Although COVID-19 is an unprecedented health crisis, he said the Philippines is on solid footing to meet the challenges of this contagion, given the country’s strong macroeconomic fundamentals.
Meanwhile, Nicholas Mapa, ING Bank Manila senior economist, said in a statement yesterday with the contraction in the first quarter GDP, he expects growth for the year to decline by 2.9 percent, a downgrade from the earlier projection of -2.2 percent.
“The Philippines will likely post a technical recession in 2020 as 1Q slipped into contraction as 1Q GDP showcases how detrimental the lockdown can be for the economy,” Mapa said.
“We expect at least another 25 basis points rate cut by the BSP (Bangko Sentral ng Pilipinas), as early as Thursday and a possible upsizing of the government’s social amelioration package and income replacement programs coupled with an aggressive spending plan on construction once the lockdown is lifted,” he added.

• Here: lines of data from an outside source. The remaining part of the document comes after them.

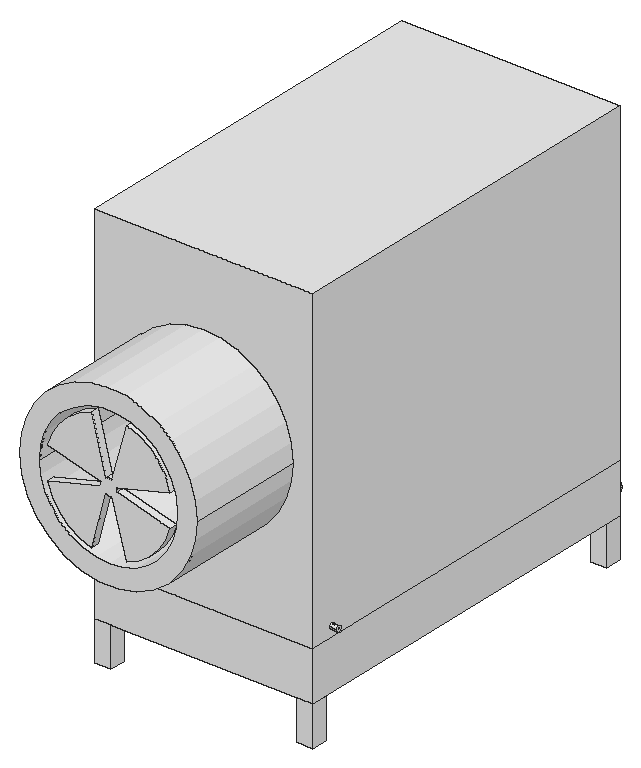
Revit family "MIT SK1013 - Cooling Tower ", category Specialty Equipment, Revit 2022
Family settings
  Round Connector Dimension = Use Diameter
  Part Type = Normal
  Work Plane-Based = Yes
  Always vertical = No
  Cut with Voids When Loaded = No
  Maintain Annotation Orientation = No
  Shared = No
  Room Calculation Point = No
Parameters (values of type "MLP 20 - 1.1 kW")
  URL = "https://en.ekinendustriyel.com/cooling-towers"
  Model = "MIT-SK1013"
  Manufacturer = "Ekin Endüstriyel"
  Keynote = "Cooling Towers"
  Description = "MIT-SK1013 - Cooling Towers"
  Default Elevation = 0 mm
Reference planes
  plane 1 "Center (Front/Back)": y = 0
  plane 2: z = 0
  plane 3 "Center (Left/Right)": x = 0
Forms (mm)
  Extrusion 1, solid, material "Ekin Endüstriyel_StainlesSteel", detail levels medium+fine
    sketch origin (0, 0, 0) x (1, 0, 0) y (0, 1, 0)
      loop
        line (-275, 485) -> (-275, -485) -> (275, -485) -> (275, 485) -> (-275, 485)
    from 225 to 1030
  Extrusion 2, solid, material "Ekin Endüstriyel_StainlesSteel", detail levels medium+fine
    sketch origin (0, 0, 0) x (1, 0, 0) y (0, 1, 0)
      loop
        line (-275, 485) -> (-275, -485) -> (275, -485) -> (275, 485) -> (-275, 485)
    from 100 to 225
  Extrusion 3, solid, material "Ekin Endüstriyel_StainlesSteel", detail levels coarse
    sketch origin (0, 0, 0) x (1, 0, 0) y (0, 1, 0)
      loop
        line (-275, 485) -> (-275, -485) -> (275, -485) -> (275, 485) -> (-275, 485)
    from 0 to 1030
  Extrusion 4, solid, material "Ekin Endüstriyel_StainlesSteel", detail levels coarse
    sketch origin (275, -485, 0) x (-1, 0, 0) y (0, 0, -1)
      loop
        circle (275, -627.5) r 225
    from 0 to 300
  Extrusion 5, solid, material "Ekin Endüstriyel_StainlesSteel", detail levels medium+fine
    sketch origin (275, -485, 0) x (-1, 0, 0) y (0, 0, -1)
      loop
        circle (275, -627.5) r 225
      loop
        circle (275, -627.5) r 175
    from 0 to 300
  Extrusion 6, solid, material "Ekin Endüstriyel_StainlesSteel", detail levels medium+fine
    sketch origin (-275, 485, 0) x (1, 0, 0) y (0, 0, -1)
      loop
        circle (275, -977.961) r 17.145
      loop
        circle (275, -152.039) r 17.145
      loop
        circle (520, -152.039) r 19.05
      loop
        circle (520, -152.039) r 17.05
      loop
        circle (275, -152.039) r 15.145
      loop
        circle (275, -977.961) r 15.145
    from 0 to 20
  Extrusion 7, solid, material "Ekin Endüstriyel_StainlesSteel", detail levels medium+fine
    sketch origin (275, 635, 0) x (0, -1, 0) y (0, 0, -1)
      loop
        circle (1062.805, -253.187) r 6.35
      loop
        circle (1062.805, -253.187) r 4.35
    from 0 to 20
  Extrusion 8, solid, material "Ekin Endüstriyel_StainlesSteel", detail levels coarse
    sketch origin (275, 635, 0) x (0, -1, 0) y (0, 0, -1)
      loop
        circle (1062.805, -253.187) r 6.35
    from 0 to 20
  Extrusion 9, solid, material "Ekin Endüstriyel_StainlesSteel", detail levels coarse
    sketch origin (-275, 485, 0) x (1, 0, 0) y (0, 0, -1)
      loop
        circle (275, -977.961) r 17.145
      loop
        circle (275, -152.039) r 17.145
      loop
        circle (520, -152.039) r 19.05
    from 0 to 20
  Extrusion 10, solid, material "Ekin Endüstriyel_StainlesSteel", detail levels medium+fine
    sketch origin (0, 0, 0) x (1, 0, 0) y (0, 1, 0)
      loop
        line (-275, 485) -> (-275, 445) -> (-235, 445) -> (-235, 485) -> (-275, 485)
      loop
        line (-275, -485) -> (-235, -485) -> (-235, -445) -> (-275, -445) -> (-275, -485)
      loop
        line (275, 485) -> (235, 485) -> (235, 445) -> (275, 445) -> (275, 485)
      loop
        line (275, -485) -> (275, -445) -> (235, -445) -> (235, -485) -> (275, -485)
    from 0 to 100
  Extrusion 11, solid, material "Ekin Endüstriyel_StainlesSteel", detail levels fine
    sketch origin (275, -785, 0) x (-1, 0, 0) y (0, 0, -1)
      loop
        arc (429.548, -586.089) -> (389.202, -515.438) -> (319.327, -473.763) r 160
        line (319.327, -473.763) -> (283.04, -609.187)
        arc (283.04, -609.187) -> (290.175, -614.472) -> (294.319, -622.324) r 20
        line (294.319, -622.324) -> (429.548, -586.089)
      loop
        arc (255.681, -622.324) -> (259.825, -614.472) -> (266.96, -609.187) r 20
        line (266.96, -609.187) -> (230.673, -473.763)
        arc (230.673, -473.763) -> (160.798, -515.438) -> (120.452, -586.089) r 160
        line (120.452, -586.089) -> (255.681, -622.324)
      loop
        arc (294.319, -632.676) -> (290.175, -640.528) -> (283.04, -645.813) r 20
        line (283.04, -645.813) -> (319.327, -781.237)
        arc (319.327, -781.237) -> (389.202, -739.562) -> (429.548, -668.911) r 160
        line (429.548, -668.911) -> (294.319, -632.676)
      loop
        line (255.681, -632.676) -> (120.452, -668.911)
        arc (120.452, -668.911) -> (160.798, -739.562) -> (230.673, -781.237) r 160
        line (230.673, -781.237) -> (266.96, -645.813)
        arc (266.96, -645.813) -> (259.825, -640.528) -> (255.681, -632.676) r 20
    from 0 to -20.256
  Extrusion 12, solid, material "Ekin Endüstriyel_StainlesSteel", detail levels fine
    sketch origin (275, -785, 0) x (-1, 0, 0) y (0, 0, -1)
      loop
        circle (275, -627.5) r 20
    from 0 to -300
Cuts and joins
  joined: Extrusion 11, Extrusion 12
Dimensions and locks
  equal spacing: Extrusion 1 sketch curve, plane 3 "Center (Left/Right)", Extrusion 1 sketch curve
  Extrusion 1 sketch curve to plane 3 "Center (Left/Right)" = 275 mm
  equal spacing: Extrusion 1 sketch curve, plane 1 "Center (Front/Back)", Extrusion 1 sketch curve
  plane 1 "Center (Front/Back)" to Extrusion 1 sketch curve = 485 mm
  Extrusion 2 sketch curve to Extrusion 2 sketch curve = 550 mm
  Extrusion 2 sketch curve to Extrusion 2 sketch curve = 970 mm
  Extrusion 3 sketch curve to Extrusion 3 sketch curve = 550 mm
  Extrusion 3 sketch curve to Extrusion 3 sketch curve = 970 mm
  Extrusion 3 to Extrusion 3 = 550 mm
  Extrusion 3 to Extrusion 3 = 970 mm
  aligned and locked: level to plane 2
  aligned and locked: Extrusion 3 to Extrusion 1  (x2)
  aligned and locked: Extrusion 2 to Extrusion 1
  aligned and locked: Extrusion 3 to Extrusion 2
  aligned and locked: Extrusion 4 to Extrusion 5
  aligned and locked: Extrusion 4 to Extrusion 3
  aligned and locked: Extrusion 5 to Extrusion 3
  aligned and locked: Extrusion 10 to Extrusion 2
  aligned and locked: cut or joined group of Extrusion 11, Extrusion 12 to Extrusion 3
Connectors
  piping at (295, -427.805, 253.187), diameter 12.7
    settings: on Extrusion 7, index 1, connector inside diameter 609.6 mm, connector length 0 mm, flow factor 0, pipe flow 0.0 m³/h, pressure drop 0.0 bar, fitting loss kfactor 0, connector angle 0.00°, fixture units 0, engagement length 0 mm, angle of deflection 0.00°, flow configuration 0, flow direction 0, fitting loss method 0, system type 7, joint type 0, gender type 0, connector reference index -1, connector utility 0, adjustable connector no, is connector primary yes, connector description ""
  piping at (245, 505, 152.039), diameter 38.1
    settings: on Extrusion 6, index 2, connector inside diameter 609.6 mm, connector length 0 mm, flow factor 0, pipe flow 0.0 m³/h, pressure drop 0.0 bar, fitting loss kfactor 0, connector angle 0.00°, fixture units 0, engagement length 0 mm, angle of deflection 0.00°, flow configuration 0, flow direction 0, fitting loss method 0, system type 7, joint type 0, gender type 0, connector reference index -1, connector utility 0, adjustable connector no, is connector primary no, connector description ""
  piping at (0, 505, 152.039), diameter 31.8
    settings: on Extrusion 6, index 3, connector inside diameter 609.6 mm, connector length 0 mm, flow factor 0, pipe flow 0.0 m³/h, pressure drop 0.0 bar, fitting loss kfactor 0, connector angle 0.00°, fixture units 0, engagement length 0 mm, angle of deflection 0.00°, flow configuration 0, flow direction 0, fitting loss method 0, system type 7, joint type 0, gender type 0, connector reference index -1, connector utility 0, adjustable connector no, is connector primary no, connector description ""
  piping at (0, 505, 977.961), diameter 31.8
    settings: on Extrusion 6, index 4, connector inside diameter 609.6 mm, connector length 0 mm, flow factor 0, pipe flow 0.0 m³/h, pressure drop 0.0 bar, fitting loss kfactor 0, connector angle 0.00°, fixture units 0, engagement length 0 mm, angle of deflection 0.00°, flow configuration 0, flow direction 0, fitting loss method 0, system type 7, joint type 0, gender type 0, connector reference index -1, connector utility 0, adjustable connector no, is connector primary no, connector description ""

Hopeful of avoiding recession
Malacanang regrets the contraction of the country’s economic growth and expects the prolonged ECQ in April and the first half of May to further bring down the growth rate.
Presidential spokesman Harry Roque, however, said Malacanang is hopeful that a recession would be avoided especially as work in some industries and business in several areas are already expected to resume this month.
Recession occurs when an economy experiences at least two consecutive quarters of contraction.
“ We’re hoping that pursuant to the V strategy, growth might go up by the time that we hit the third quarter. We’re hoping),” Roque said.
Roque said government is also banking on the resumption and pursuit of some infrastructure programs under the Build, Build, Build to boost the country’s growth.
He said the Philippines continues to have “very sound economic fundamentals” as evidenced by very good credit rating and very strong peso which would help the country recover.
“We expect of course the economy to shrink even more during the month of April because the whole month of April was basically under ECQ and the first two weeks of May as well. So we definitely expect a big contraction. But the economic planners are very vigilant, we foresee a V-shape of economic recovery… we expect a very strong rebound courtesy of the Build, Build, Build program of the government, and number one, very prudent fiscal policy as well as prudent monetary policy,” he added.